On the other hand, the approximating approach that uses the probability of the object center point underestimate the collision probability and causes several collisions in the planned trajectories.
Our approach shows a similar safety with the approach using enlarged bounding volumes, while it also computes efficient trajectories that have shorter trajectory durations and lengths.

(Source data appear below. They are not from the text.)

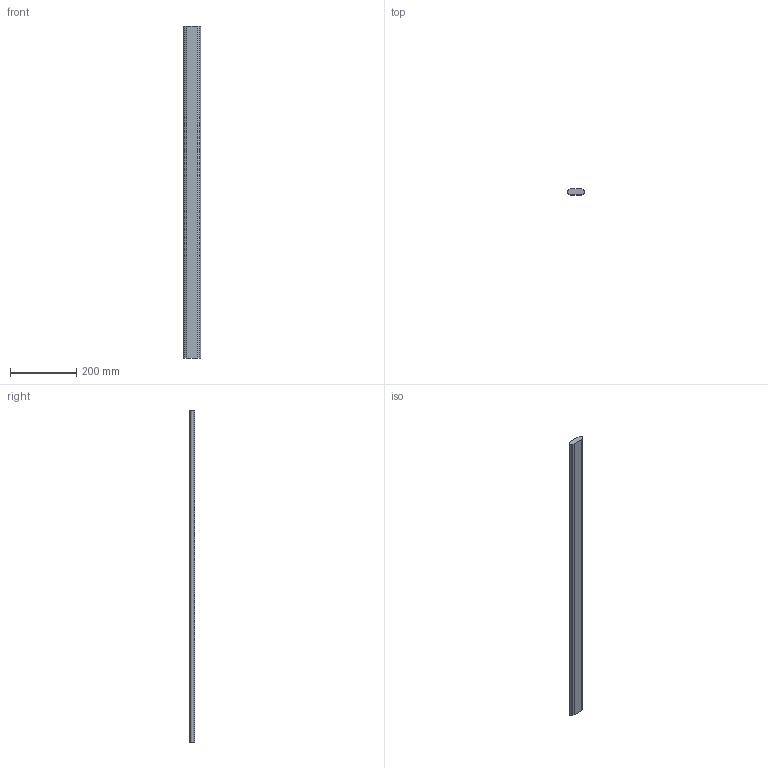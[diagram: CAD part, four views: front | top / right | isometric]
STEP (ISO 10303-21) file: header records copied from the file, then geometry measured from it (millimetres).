
FILE_DESCRIPTION (( 'STEP AP214' ), '1' );
FILE_NAME ('LFS52FK.STEP', '2020-05-11T09:17:45', ( '' ), ( '' ), 'SwSTEP 2.0', 'SolidWorks 2019', '' );
FILE_SCHEMA (( 'AUTOMOTIVE_DESIGN' ));
Length unit declared in the file: millimetre
Products named in the file (1): LFS52FK
Bounding box: 51.96 x 18 x 1000 mm (x, y, z)
Volume: 819336.1 mm3; surface area: 124100.4 mm2
Topology: 1 solids, 1 shells, 18 faces, 48 edges, 32 vertices
Faces by surface type: cylinder 10, plane 8
Entity records: 606 total; most frequent: DIRECTION 106, CARTESIAN_POINT 99, ORIENTED_EDGE 96, EDGE_CURVE 48, AXIS2_PLACEMENT_3D 39, VERTEX_POINT 32, VECTOR 28, LINE 28
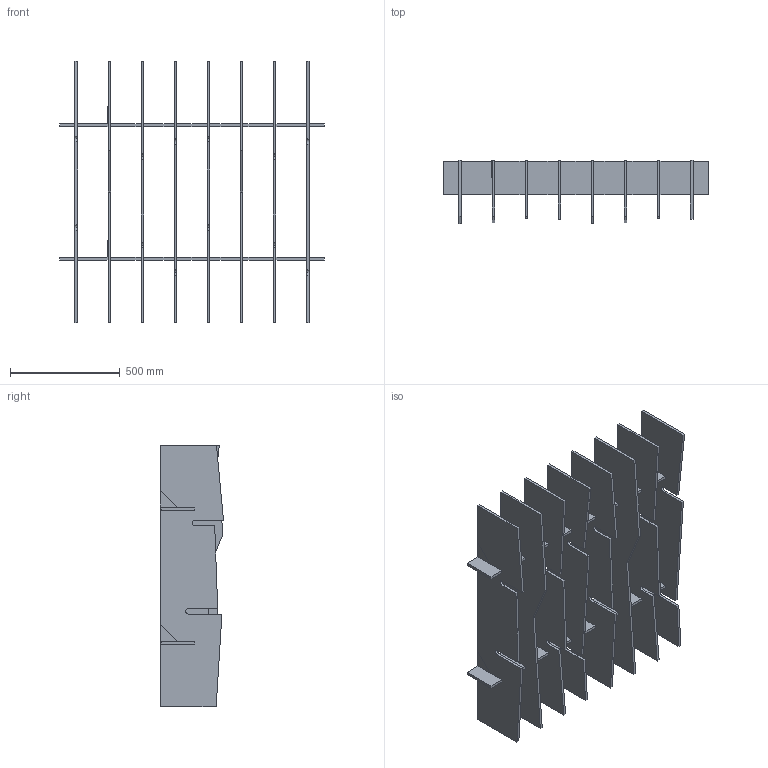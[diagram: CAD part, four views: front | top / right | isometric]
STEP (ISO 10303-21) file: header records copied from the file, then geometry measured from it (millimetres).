
FILE_DESCRIPTION(/* description */ (''),/* implementation_level */ '2;1');
FILE_NAME(/* name */ 'Y:\Design and Engineering\MaterialLogiq\CAD ASSETS\MASTER\BAFFLE\WEB ASSETS\PET BAFFLE_8FIN_4x4_10_SKYLINE.stp',/* time_stamp */ '2023-11-16T09:47:20-06:00',/* author */ ('Grant Baker'),/* organization */ (''),/* preprocessor_version */ 'ST-DEVELOPER v19',/* originating_system */ 'Autodesk Inventor 2023',/* authorisation */ '');
FILE_SCHEMA (('AUTOMOTIVE_DESIGN { 1 0 10303 214 3 1 1 }'));
Length unit declared in the file: inch
Products named in the file (6): PET BAFFLE_PARAMETRIC_11.02.2023; PET BAFFLE_BEAM; PET BAFFLE_48in_FIN_SKYLINE-1; PET BAFFLE_48in_FIN_SKYLINE-3; PET BAFFLE_48in_FIN_PEAKS-2; PET BAFFLE_48in_FIN_SKYLINE-4
Assembly tree (10 placements, depth 2):
  PET BAFFLE_PARAMETRIC_11.02.2023
    PET BAFFLE_BEAM  x2
    PET BAFFLE_48in_FIN_SKYLINE-1  x2
    PET BAFFLE_48in_FIN_SKYLINE-3  x2
    PET BAFFLE_48in_FIN_PEAKS-2  x2
    PET BAFFLE_48in_FIN_SKYLINE-4  x2
Bounding box: 1206.5 x 287.51 x 1193.8 mm (x, y, z)
Volume: 32884129.8 mm3; surface area: 5864605.2 mm2
Topology: 26 solids, 26 shells, 474 faces, 1266 edges, 844 vertices
Faces by surface type: plane 452, cylinder 22
Entity records: 7504 total; most frequent: CARTESIAN_POINT 1308, ORIENTED_EDGE 1266, DIRECTION 1161, EDGE_CURVE 633, LINE 611, VECTOR 611, VERTEX_POINT 422, AXIS2_PLACEMENT_3D 275
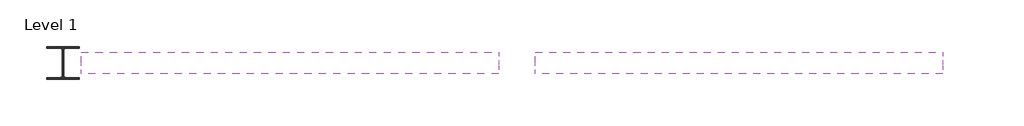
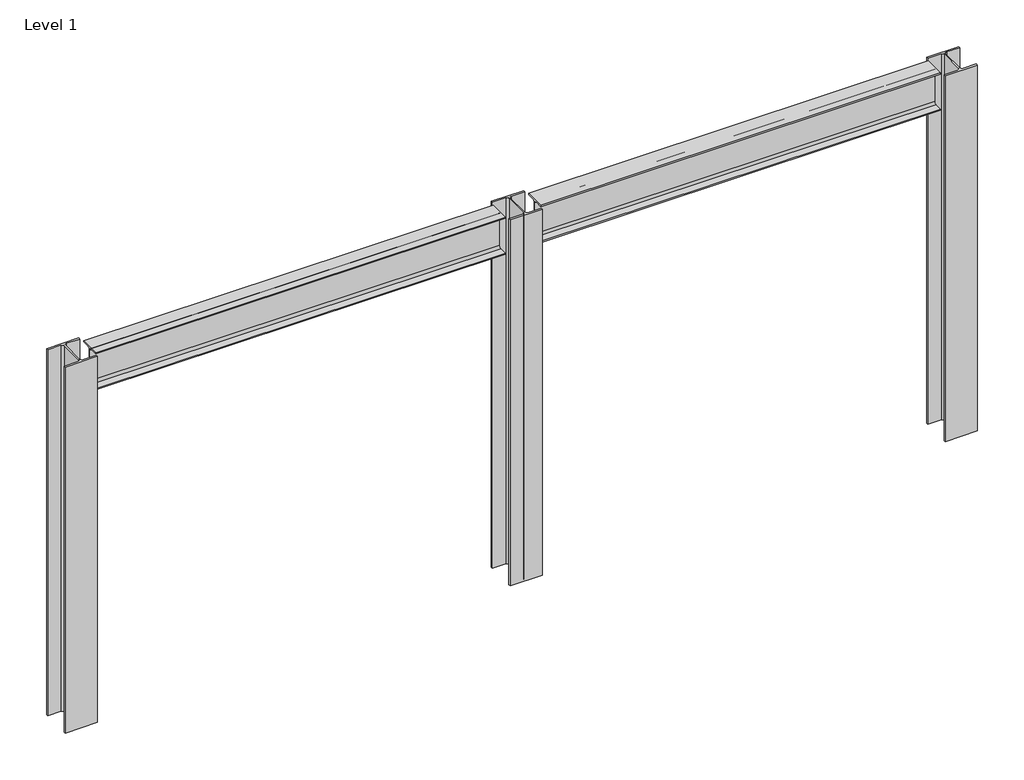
# One storey: 3 columns, 2 beams.
"""IFC4 building model written with IfcOpenShell, lengths in millimetres."""

from ifc_helpers import new_model, si_unit, origin, place, context, project, spatial, transform, mapped, element, save
from components import w_wide_flange_w12x26_715d0f22, w_wide_flange_w12x26_0bcb4ac5, w_wide_flange_column_w10x49_f24ffb9b

model = new_model("IFC4")

# Units and contexts
model_context = context("Model", 3, world=origin())
ifc_project = project(units=[si_unit("LENGTHUNIT", "METRE", prefix="MILLI")], contexts=[model_context])

# Site, building, storey
site = spatial("IfcSite", under=ifc_project)
building = spatial("IfcBuilding", under=site)
storey = spatial("IfcBuildingStorey", under=building, Name="Level 1", Elevation=0.0)

# Beams
placement = place(None, origin())
w_wide_flange_w12x26_shape = w_wide_flange_w12x26_715d0f22(model_context)
element("IfcBeam", 1, ObjectType="W-Wide Flange : W12X26", at=placement, inside=storey, context=model_context, shape_type="MappedRepresentation", body=[
    mapped(w_wide_flange_w12x26_shape, transform((-16592.3158378, 12339.6197055, 2892.821875), x_axis=(1.0, 0.0, 0.0), y_axis=(0.0, 1.0, 0.0), z_axis=(0.0, 0.0, 1.0))),
])
w_wide_flange_w12x26_2_shape = w_wide_flange_w12x26_0bcb4ac5(model_context)
element("IfcBeam", 2, ObjectType="W-Wide Flange : W12X26", at=placement, inside=storey, context=model_context, shape_type="MappedRepresentation", body=[
    mapped(w_wide_flange_w12x26_2_shape, transform((-13125.2158378, 12339.6197055, 2892.821875), x_axis=(1.0, 0.0, 0.0), y_axis=(0.0, 1.0, 0.0), z_axis=(0.0, 0.0, 1.0))),
])

# Columns
w_wide_flange_column_w10x49_shape = w_wide_flange_column_w10x49_f24ffb9b(model_context)
element("IfcColumn", 3, ObjectType="W-Wide Flange-Column : W10X49", at=placement, inside=storey, context=model_context, shape_type="MappedRepresentation", body=[
    mapped(w_wide_flange_column_w10x49_shape, transform((-14839.7158378, 12339.6197055, 0.0), x_axis=(1.0, 0.0, 0.0), y_axis=(0.0, 1.0, 0.0), z_axis=(0.0, 0.0, 1.0))),
])
element("IfcColumn", 4, ObjectType="W-Wide Flange-Column : W10X49", at=placement, inside=storey, context=model_context, shape_type="MappedRepresentation", body=[
    mapped(w_wide_flange_column_w10x49_shape, transform((-18344.9158378, 12339.6197055, 0.0), x_axis=(1.0, 0.0, 0.0), y_axis=(0.0, 1.0, 0.0), z_axis=(0.0, 0.0, 1.0))),
])
element("IfcColumn", 5, ObjectType="W-Wide Flange-Column : W10X49", at=placement, inside=storey, context=model_context, shape_type="MappedRepresentation", body=[
    mapped(w_wide_flange_column_w10x49_shape, transform((-11410.7158378, 12339.6197055, 0.0), x_axis=(1.0, 0.0, 0.0), y_axis=(0.0, 1.0, 0.0), z_axis=(0.0, 0.0, 1.0))),
])

save(model, "model.ifc")

\section{Conclusions and Future Work}
We present a novel algorithm for trajectory planning for high-DOF robots in dynamic, uncertain environments. This include new methods for belief space estimation and probabilistic collision detection. Our approach is quite fast, and works well in our simulated results where it can compute collision-free paths with high confidence level.  Our probabilistic collision detection computes tighter upper bounds of the collision probability as compared to prior approaches. We highlight the performance of our planner on different benchmarks with human obstacles for two robot models. To the best of our knowledge, that can handle high-DOF robots in dynamic environment with imperfect obstacle representations.

Our approach has some limitations. Some of the assumptions used in belief space estimation in terms of Gaussian distribution and Kalman filter may not hold. Moreover, we may have a pre-defined shape representation of the obstacle. The trajectory optimization may get stuck at a local minima and may not converge to a global optimal solution.
 There are many avenues for future work. Our approach only takes into account the imperfect information about the moving obstacles. In particular, we assume that a good point-cloud sample of the obstacles is given for probabilistic collision checking.  Our current approach does not account for control errors or sensor errors, which are rather common with the controllers and sensors.